> **Problem statement**: Among the entries below, take the line with "#10689=CIRCLE('',#10688,2.067);" and the line with "#11016=CARTESIAN_POINT('',(-45.793,-11.8,13.0));", and output them and every line between them exactly, with nothing else.

(Extracted data entries)
▬▬▬
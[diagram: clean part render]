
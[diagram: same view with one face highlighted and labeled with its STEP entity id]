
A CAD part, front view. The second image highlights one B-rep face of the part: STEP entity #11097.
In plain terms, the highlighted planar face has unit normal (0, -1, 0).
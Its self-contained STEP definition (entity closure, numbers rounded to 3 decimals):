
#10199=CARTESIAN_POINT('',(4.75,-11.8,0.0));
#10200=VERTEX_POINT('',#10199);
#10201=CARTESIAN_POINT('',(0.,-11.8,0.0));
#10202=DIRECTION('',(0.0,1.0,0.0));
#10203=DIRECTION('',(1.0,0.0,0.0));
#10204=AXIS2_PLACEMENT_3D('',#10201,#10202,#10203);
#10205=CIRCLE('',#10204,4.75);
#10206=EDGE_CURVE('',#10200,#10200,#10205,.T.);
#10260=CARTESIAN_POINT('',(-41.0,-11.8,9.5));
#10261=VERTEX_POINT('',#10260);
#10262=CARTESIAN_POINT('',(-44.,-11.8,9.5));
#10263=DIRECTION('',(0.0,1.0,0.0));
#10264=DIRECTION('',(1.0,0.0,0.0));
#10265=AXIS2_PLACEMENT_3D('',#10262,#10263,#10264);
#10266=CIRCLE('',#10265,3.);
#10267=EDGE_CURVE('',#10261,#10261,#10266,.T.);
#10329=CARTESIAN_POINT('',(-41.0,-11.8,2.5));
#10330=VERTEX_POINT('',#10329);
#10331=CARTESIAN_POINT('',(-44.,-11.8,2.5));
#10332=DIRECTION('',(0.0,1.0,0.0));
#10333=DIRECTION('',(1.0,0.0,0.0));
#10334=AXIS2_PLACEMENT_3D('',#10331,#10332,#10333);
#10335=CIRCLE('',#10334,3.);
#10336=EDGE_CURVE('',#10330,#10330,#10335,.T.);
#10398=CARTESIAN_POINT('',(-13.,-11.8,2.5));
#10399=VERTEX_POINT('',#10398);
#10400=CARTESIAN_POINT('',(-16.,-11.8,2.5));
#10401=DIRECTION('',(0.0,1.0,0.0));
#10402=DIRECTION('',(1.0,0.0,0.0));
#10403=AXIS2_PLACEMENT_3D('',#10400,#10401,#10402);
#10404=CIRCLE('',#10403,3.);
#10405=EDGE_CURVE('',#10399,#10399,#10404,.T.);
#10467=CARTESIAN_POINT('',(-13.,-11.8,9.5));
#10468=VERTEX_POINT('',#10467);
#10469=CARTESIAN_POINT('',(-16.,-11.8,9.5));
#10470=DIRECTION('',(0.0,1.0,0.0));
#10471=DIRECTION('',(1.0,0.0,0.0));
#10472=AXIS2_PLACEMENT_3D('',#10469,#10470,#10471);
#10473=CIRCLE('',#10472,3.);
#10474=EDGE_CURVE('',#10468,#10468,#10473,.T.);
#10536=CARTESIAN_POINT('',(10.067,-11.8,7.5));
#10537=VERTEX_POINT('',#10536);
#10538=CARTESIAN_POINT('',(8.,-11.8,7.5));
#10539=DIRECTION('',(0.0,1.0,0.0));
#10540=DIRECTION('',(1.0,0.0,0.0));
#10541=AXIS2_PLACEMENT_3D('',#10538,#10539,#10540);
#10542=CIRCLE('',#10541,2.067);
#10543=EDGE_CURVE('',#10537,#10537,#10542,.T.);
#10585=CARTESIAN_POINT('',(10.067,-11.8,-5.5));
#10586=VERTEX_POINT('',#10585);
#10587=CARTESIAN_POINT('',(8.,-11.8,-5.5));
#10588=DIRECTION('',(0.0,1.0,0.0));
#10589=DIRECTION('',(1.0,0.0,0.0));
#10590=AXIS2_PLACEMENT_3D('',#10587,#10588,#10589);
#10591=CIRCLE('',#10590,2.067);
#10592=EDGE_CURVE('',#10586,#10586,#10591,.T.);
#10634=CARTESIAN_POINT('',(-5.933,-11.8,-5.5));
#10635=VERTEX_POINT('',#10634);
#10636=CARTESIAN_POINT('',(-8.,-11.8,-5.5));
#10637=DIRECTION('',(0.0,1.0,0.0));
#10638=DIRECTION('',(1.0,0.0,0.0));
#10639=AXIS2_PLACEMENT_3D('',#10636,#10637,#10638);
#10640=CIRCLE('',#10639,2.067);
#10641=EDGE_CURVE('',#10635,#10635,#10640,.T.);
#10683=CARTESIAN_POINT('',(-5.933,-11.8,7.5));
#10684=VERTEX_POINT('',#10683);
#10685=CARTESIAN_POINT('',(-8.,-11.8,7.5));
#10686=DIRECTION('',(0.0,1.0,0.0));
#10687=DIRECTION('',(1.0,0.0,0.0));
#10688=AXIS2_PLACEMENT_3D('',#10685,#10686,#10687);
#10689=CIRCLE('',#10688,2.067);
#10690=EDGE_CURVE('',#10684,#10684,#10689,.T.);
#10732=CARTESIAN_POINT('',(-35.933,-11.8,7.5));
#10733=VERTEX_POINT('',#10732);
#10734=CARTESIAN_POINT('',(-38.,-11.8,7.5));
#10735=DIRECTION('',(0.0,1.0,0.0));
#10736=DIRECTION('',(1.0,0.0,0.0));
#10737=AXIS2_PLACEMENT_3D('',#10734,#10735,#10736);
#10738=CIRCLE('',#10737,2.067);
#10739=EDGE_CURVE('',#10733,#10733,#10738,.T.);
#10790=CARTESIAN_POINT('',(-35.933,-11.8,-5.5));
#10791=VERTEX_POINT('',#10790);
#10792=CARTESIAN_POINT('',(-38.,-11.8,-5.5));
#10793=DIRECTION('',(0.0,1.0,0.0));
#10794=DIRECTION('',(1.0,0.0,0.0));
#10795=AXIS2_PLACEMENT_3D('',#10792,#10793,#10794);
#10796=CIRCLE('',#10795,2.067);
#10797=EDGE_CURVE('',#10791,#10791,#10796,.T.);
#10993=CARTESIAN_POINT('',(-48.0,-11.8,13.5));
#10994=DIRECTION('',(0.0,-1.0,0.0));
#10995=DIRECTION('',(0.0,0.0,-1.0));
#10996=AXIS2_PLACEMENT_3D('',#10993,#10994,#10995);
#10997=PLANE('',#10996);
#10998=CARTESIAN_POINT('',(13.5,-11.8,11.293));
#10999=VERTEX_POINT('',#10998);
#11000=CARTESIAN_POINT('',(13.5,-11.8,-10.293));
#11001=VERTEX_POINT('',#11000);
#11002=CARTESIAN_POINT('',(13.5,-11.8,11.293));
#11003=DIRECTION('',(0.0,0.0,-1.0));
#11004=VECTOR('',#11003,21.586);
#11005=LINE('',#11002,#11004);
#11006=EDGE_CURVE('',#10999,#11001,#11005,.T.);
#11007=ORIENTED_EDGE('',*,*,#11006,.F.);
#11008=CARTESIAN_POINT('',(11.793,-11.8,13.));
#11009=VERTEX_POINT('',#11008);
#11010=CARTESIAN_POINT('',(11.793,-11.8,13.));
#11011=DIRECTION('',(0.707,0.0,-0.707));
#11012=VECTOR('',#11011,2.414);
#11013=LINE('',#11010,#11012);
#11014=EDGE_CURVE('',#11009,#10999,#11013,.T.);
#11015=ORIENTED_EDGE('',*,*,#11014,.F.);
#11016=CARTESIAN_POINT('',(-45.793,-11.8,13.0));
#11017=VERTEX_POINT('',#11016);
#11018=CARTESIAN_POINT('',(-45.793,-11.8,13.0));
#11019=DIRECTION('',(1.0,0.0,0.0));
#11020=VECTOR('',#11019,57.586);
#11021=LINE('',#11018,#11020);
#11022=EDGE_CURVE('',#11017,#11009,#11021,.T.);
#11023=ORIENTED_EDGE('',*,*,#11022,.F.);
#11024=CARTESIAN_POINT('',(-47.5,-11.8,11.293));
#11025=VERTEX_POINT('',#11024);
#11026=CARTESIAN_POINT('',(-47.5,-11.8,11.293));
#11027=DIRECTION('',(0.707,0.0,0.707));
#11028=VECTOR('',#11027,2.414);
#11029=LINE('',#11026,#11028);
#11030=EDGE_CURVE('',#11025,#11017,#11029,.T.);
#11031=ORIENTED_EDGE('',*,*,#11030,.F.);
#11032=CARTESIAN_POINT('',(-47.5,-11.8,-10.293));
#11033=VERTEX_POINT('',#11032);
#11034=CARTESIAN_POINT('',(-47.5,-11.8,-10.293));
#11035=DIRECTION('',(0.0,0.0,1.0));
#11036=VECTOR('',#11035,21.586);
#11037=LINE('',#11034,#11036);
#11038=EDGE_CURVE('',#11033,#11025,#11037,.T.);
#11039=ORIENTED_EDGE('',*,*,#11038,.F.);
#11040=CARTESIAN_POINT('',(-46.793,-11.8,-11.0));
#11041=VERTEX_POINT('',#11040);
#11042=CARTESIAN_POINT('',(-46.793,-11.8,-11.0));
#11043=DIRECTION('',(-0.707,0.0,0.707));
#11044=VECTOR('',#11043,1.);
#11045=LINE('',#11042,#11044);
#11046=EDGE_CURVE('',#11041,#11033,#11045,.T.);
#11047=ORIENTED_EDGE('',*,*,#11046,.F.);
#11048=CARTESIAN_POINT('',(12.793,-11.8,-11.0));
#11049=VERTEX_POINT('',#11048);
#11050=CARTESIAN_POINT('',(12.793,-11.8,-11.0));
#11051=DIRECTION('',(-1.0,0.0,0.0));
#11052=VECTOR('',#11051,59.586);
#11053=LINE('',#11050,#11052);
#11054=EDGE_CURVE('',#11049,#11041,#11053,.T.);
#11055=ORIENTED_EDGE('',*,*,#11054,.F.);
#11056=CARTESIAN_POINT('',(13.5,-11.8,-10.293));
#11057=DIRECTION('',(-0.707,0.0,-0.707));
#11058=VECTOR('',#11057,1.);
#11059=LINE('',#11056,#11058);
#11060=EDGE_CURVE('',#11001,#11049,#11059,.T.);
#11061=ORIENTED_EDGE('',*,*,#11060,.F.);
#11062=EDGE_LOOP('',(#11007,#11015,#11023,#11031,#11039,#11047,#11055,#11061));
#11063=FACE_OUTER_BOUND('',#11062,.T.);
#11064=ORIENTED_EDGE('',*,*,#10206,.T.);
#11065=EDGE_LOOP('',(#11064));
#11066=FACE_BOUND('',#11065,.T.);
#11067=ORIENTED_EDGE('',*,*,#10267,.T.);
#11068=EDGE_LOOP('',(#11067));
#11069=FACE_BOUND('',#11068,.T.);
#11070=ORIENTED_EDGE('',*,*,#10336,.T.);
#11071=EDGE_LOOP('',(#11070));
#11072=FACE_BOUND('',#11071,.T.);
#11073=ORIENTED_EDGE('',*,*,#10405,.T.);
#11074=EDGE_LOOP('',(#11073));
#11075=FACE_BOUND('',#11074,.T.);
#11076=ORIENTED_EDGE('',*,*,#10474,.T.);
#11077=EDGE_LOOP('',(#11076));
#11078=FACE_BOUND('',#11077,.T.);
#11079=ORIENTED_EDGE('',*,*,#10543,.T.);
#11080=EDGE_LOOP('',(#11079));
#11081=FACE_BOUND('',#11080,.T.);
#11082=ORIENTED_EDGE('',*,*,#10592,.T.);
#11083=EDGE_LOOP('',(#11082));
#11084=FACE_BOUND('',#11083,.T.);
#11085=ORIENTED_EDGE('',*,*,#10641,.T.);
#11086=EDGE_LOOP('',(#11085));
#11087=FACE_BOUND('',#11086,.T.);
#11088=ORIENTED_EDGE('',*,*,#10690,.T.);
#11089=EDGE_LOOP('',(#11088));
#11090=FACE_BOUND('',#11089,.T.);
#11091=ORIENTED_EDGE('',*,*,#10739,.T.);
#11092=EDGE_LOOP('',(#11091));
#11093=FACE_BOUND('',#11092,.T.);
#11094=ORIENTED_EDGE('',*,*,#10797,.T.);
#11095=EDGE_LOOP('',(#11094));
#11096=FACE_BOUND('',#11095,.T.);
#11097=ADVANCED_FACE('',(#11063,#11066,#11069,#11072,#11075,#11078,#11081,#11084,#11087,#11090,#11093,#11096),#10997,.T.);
▬▬▬
> **Response below**:
#10689=CIRCLE('',#10688,2.067);
#10690=EDGE_CURVE('',#10684,#10684,#10689,.T.);
#10732=CARTESIAN_POINT('',(-35.933,-11.8,7.5));
#10733=VERTEX_POINT('',#10732);
#10734=CARTESIAN_POINT('',(-38.,-11.8,7.5));
#10735=DIRECTION('',(0.0,1.0,0.0));
#10736=DIRECTION('',(1.0,0.0,0.0));
#10737=AXIS2_PLACEMENT_3D('',#10734,#10735,#10736);
#10738=CIRCLE('',#10737,2.067);
#10739=EDGE_CURVE('',#10733,#10733,#10738,.T.);
#10790=CARTESIAN_POINT('',(-35.933,-11.8,-5.5));
#10791=VERTEX_POINT('',#10790);
#10792=CARTESIAN_POINT('',(-38.,-11.8,-5.5));
#10793=DIRECTION('',(0.0,1.0,0.0));
#10794=DIRECTION('',(1.0,0.0,0.0));
#10795=AXIS2_PLACEMENT_3D('',#10792,#10793,#10794);
#10796=CIRCLE('',#10795,2.067);
#10797=EDGE_CURVE('',#10791,#10791,#10796,.T.);
#10993=CARTESIAN_POINT('',(-48.0,-11.8,13.5));
#10994=DIRECTION('',(0.0,-1.0,0.0));
#10995=DIRECTION('',(0.0,0.0,-1.0));
#10996=AXIS2_PLACEMENT_3D('',#10993,#10994,#10995);
#10997=PLANE('',#10996);
#10998=CARTESIAN_POINT('',(13.5,-11.8,11.293));
#10999=VERTEX_POINT('',#10998);
#11000=CARTESIAN_POINT('',(13.5,-11.8,-10.293));
#11001=VERTEX_POINT('',#11000);
#11002=CARTESIAN_POINT('',(13.5,-11.8,11.293));
#11003=DIRECTION('',(0.0,0.0,-1.0));
#11004=VECTOR('',#11003,21.586);
#11005=LINE('',#11002,#11004);
#11006=EDGE_CURVE('',#10999,#11001,#11005,.T.);
#11007=ORIENTED_EDGE('',*,*,#11006,.F.);
#11008=CARTESIAN_POINT('',(11.793,-11.8,13.));
#11009=VERTEX_POINT('',#11008);
#11010=CARTESIAN_POINT('',(11.793,-11.8,13.));
#11011=DIRECTION('',(0.707,0.0,-0.707));
#11012=VECTOR('',#11011,2.414);
#11013=LINE('',#11010,#11012);
#11014=EDGE_CURVE('',#11009,#10999,#11013,.T.);
#11015=ORIENTED_EDGE('',*,*,#11014,.F.);
#11016=CARTESIAN_POINT('',(-45.793,-11.8,13.0));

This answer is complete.